Zakia Hussein was born on June 25,1984, in Mogadishu, Somalia. Her father Hussein Ahmed was a doctor who became the private physician of the then president of Somalia, Siyad Barre, while her mother served as a senior officer at the Somalia Bank of Commerce while studying for her master's degree in business management.

Hussein's family fled Somalia's civil war when she was six years old, eventually settling in Sweden. She spent most of her childhood and compulsory education in Sweden before moving to the United Kingdom at the age of 22.

== Career in the UK ==

Hussein studied international relations and diplomacy at London Metropolitan University, where she became involved in activism and advocacy, particularly for her native Somali community. While at university in London, Hussein became an active member of the Islamic Society and eventually became its vice-president, tackling Islamophobia at a time when it was rampant. She also joined the Hanoolaato movement, a diaspora-led sociopolitical organization that advocates for peace and development in Somalia. She joined the Anti Tribalism Movement and hosted Somali language talk show called the Hooyo Talkshow in Somalia London Radio. In addition, she joined Hanoolaato and became a prominent voice within the Somali community in London.

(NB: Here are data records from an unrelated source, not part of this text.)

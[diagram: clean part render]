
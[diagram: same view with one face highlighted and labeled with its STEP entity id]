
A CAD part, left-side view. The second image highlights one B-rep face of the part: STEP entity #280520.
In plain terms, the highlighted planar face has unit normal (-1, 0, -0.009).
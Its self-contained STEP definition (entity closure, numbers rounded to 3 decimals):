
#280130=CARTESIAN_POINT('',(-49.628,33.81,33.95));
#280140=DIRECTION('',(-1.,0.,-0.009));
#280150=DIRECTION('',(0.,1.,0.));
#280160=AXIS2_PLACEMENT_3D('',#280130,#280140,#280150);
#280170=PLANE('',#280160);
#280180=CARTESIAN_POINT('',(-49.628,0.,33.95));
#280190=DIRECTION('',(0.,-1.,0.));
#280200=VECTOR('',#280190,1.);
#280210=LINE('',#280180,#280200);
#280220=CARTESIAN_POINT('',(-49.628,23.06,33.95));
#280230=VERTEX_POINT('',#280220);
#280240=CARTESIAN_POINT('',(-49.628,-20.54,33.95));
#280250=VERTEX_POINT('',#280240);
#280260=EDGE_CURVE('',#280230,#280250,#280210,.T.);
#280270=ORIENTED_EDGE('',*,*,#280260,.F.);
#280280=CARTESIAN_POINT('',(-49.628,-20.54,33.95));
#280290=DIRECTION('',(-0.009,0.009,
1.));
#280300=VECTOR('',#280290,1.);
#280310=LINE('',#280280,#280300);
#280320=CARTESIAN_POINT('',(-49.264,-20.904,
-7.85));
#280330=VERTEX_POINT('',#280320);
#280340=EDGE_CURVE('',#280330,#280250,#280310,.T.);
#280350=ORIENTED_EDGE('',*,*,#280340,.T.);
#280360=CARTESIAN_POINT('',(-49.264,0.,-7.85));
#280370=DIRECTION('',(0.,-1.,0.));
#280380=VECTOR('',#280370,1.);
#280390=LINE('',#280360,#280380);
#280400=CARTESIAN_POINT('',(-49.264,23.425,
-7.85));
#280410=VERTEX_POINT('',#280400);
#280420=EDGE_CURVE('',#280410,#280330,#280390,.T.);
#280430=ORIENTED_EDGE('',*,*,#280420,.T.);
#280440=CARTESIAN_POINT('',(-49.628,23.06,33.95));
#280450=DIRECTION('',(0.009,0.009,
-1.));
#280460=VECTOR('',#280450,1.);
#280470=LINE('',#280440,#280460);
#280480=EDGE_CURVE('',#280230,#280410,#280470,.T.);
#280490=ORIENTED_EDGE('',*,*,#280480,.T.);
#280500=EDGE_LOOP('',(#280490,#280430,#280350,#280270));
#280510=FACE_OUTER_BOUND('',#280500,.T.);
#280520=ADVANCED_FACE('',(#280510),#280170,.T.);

== Police career in Somalia ==

In 2012, Zakia Hussein relocated to Somalia and began working as a program manager at the Heritage Institute think-tank in Mogadishu. She soon joined the Somali Police Force as the director of community policing in 2014, becoming the first female to ever be appointed as a departmental director in the force. She also served as head of policy planning and in charge of designing and overseeing the implementation of the National Intelligence & Security Agency's intelligence and institutional reform policy.

During her tenure in the police force, Hussein survived two assassination attempts and faced deep-rooted sexism and condescension in the male-dominated institution. However, she persevered and in 2018, she was promoted to Brigadier General and appointed as the Deputy Police Commissioner, becoming the first female to reach both milestones in the history of Somalia's security forces. She continued to push for institutional reform and public-police relations, using her position to bring the public and the security agencies closer together. In 2021, she established the first all-female armed special forces unit in Somalia, further demonstrating her commitment to empowering women in the country.

== Challenges and achievements ==

Zakia Hussein worked to build public trust in the police force following allegations of abuse, corruption, rape, and exploitation. She has also fought deeply rooted stereotypes against women in Somalia, becoming a role model for women in the force and the entire female population of Somalia.

Zakia Hussein Ahmed has become a trailblazer for women in Somalia's security forces, breaking down barriers and advocating for institutional reform and public-police relations. Her dedication to serving her country has inspired many and cemented her place as a role model for women across Somalia.